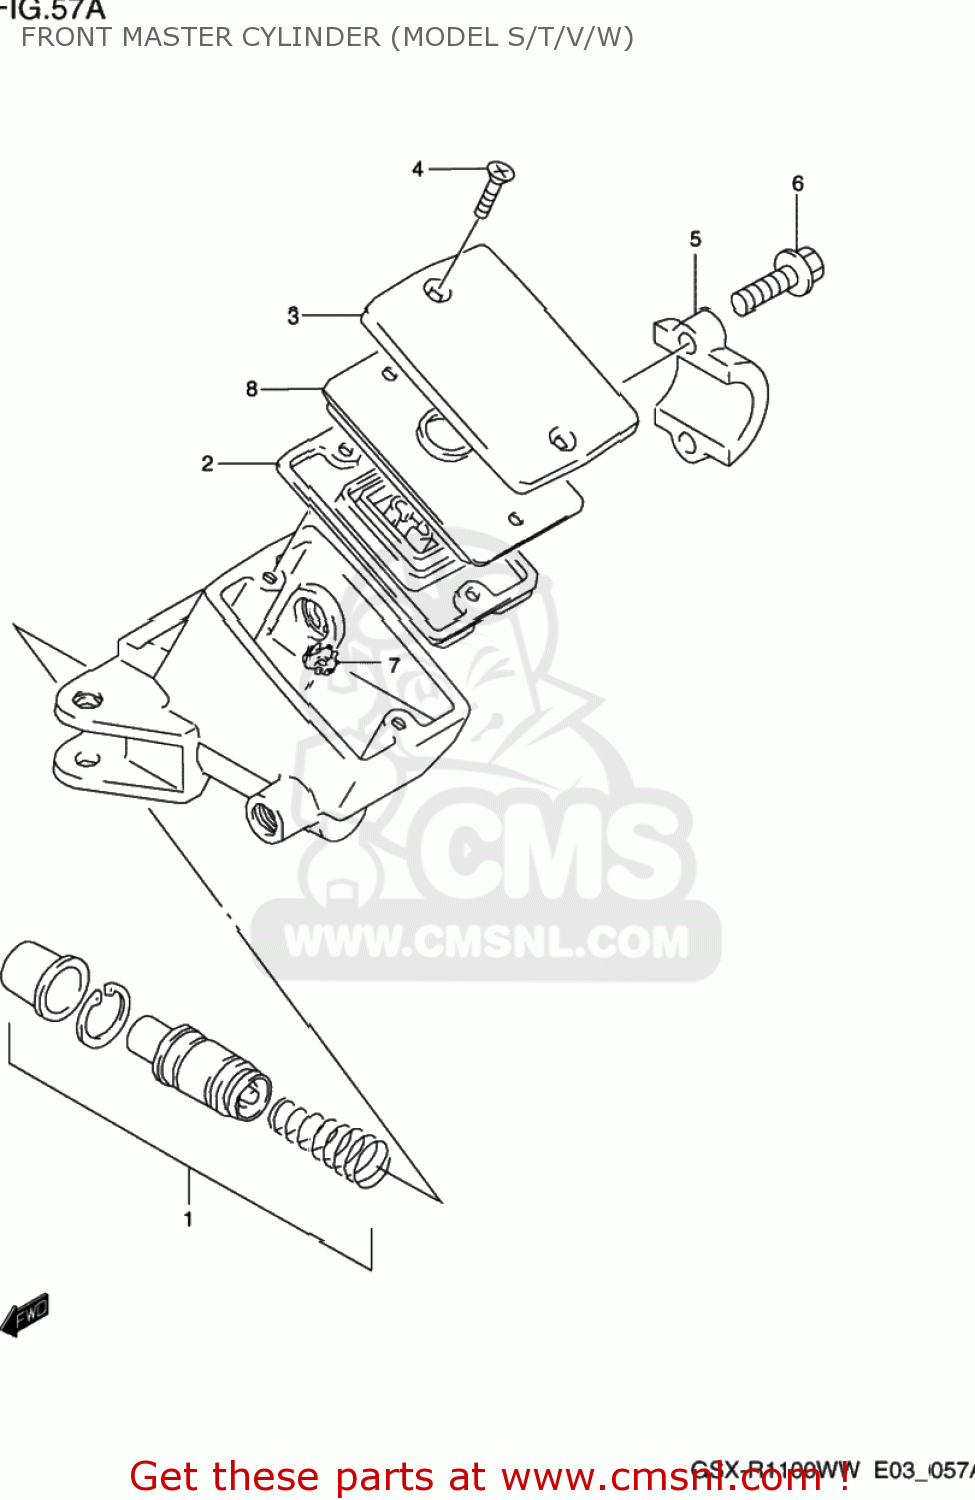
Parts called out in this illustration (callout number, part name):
1	PISTON & CUP SET
2	3
3	CAP
4	SCREW
5	HOLDER
6	BOLT(6X25)
7	PROTECTOR
8	PLATE,DIAPHRAGM
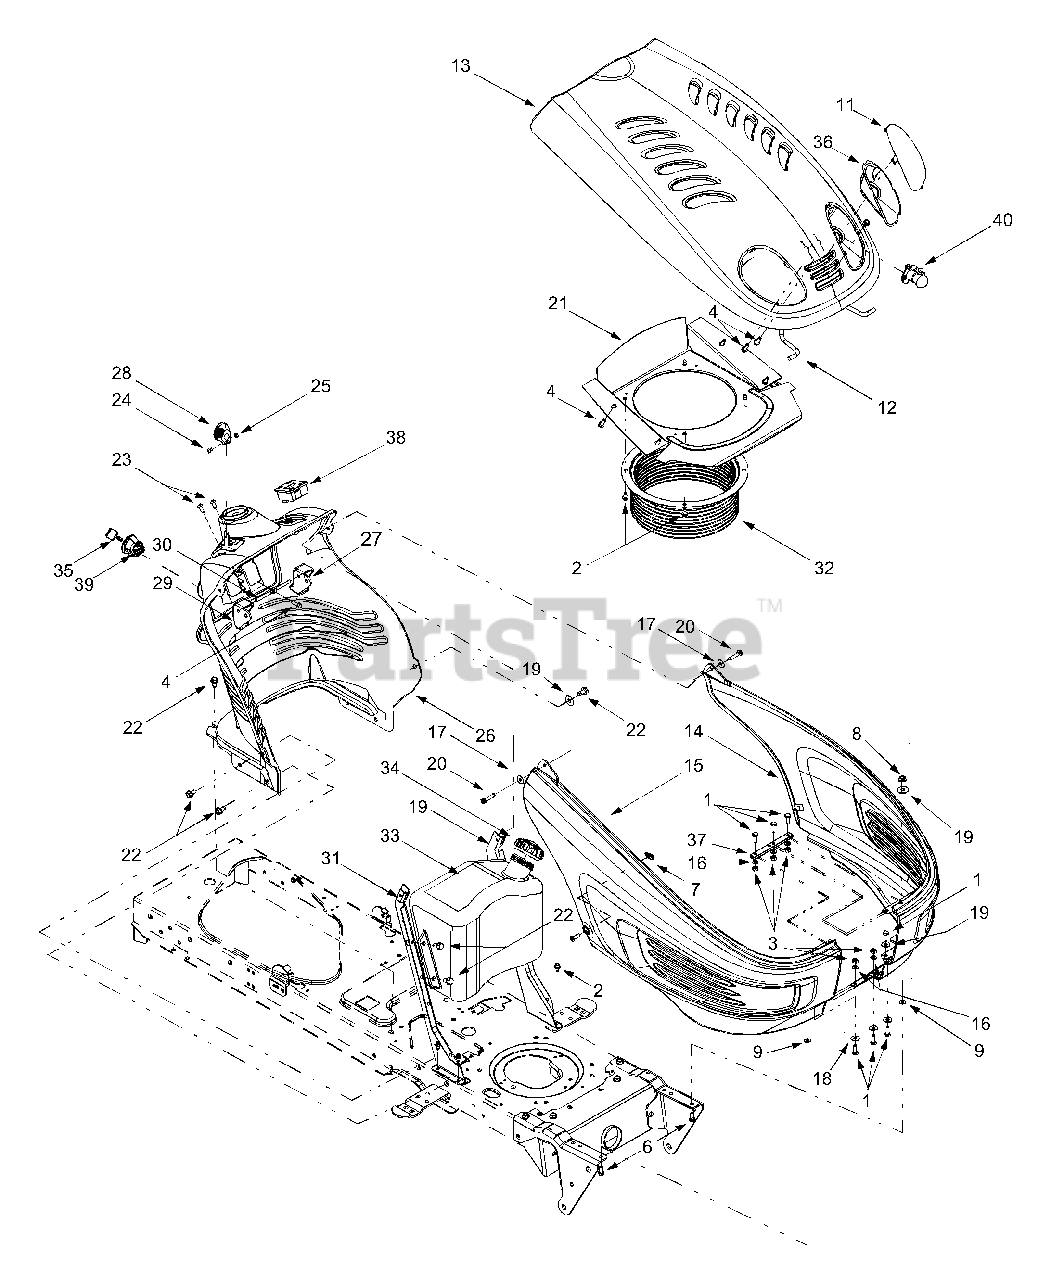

□ □ □ □

WORK INSTRUCTIONS ::
Retype the listing verbatim, minus every image.

EXERCISE OUTPUT ::
Parts called out in this illustration (callout number, part name):
1	PISTON & CUP SET
2	3
3	CAP
4	SCREW
5	HOLDER
6	BOLT(6X25)
7	PROTECTOR
8	PLATE,DIAPHRAGM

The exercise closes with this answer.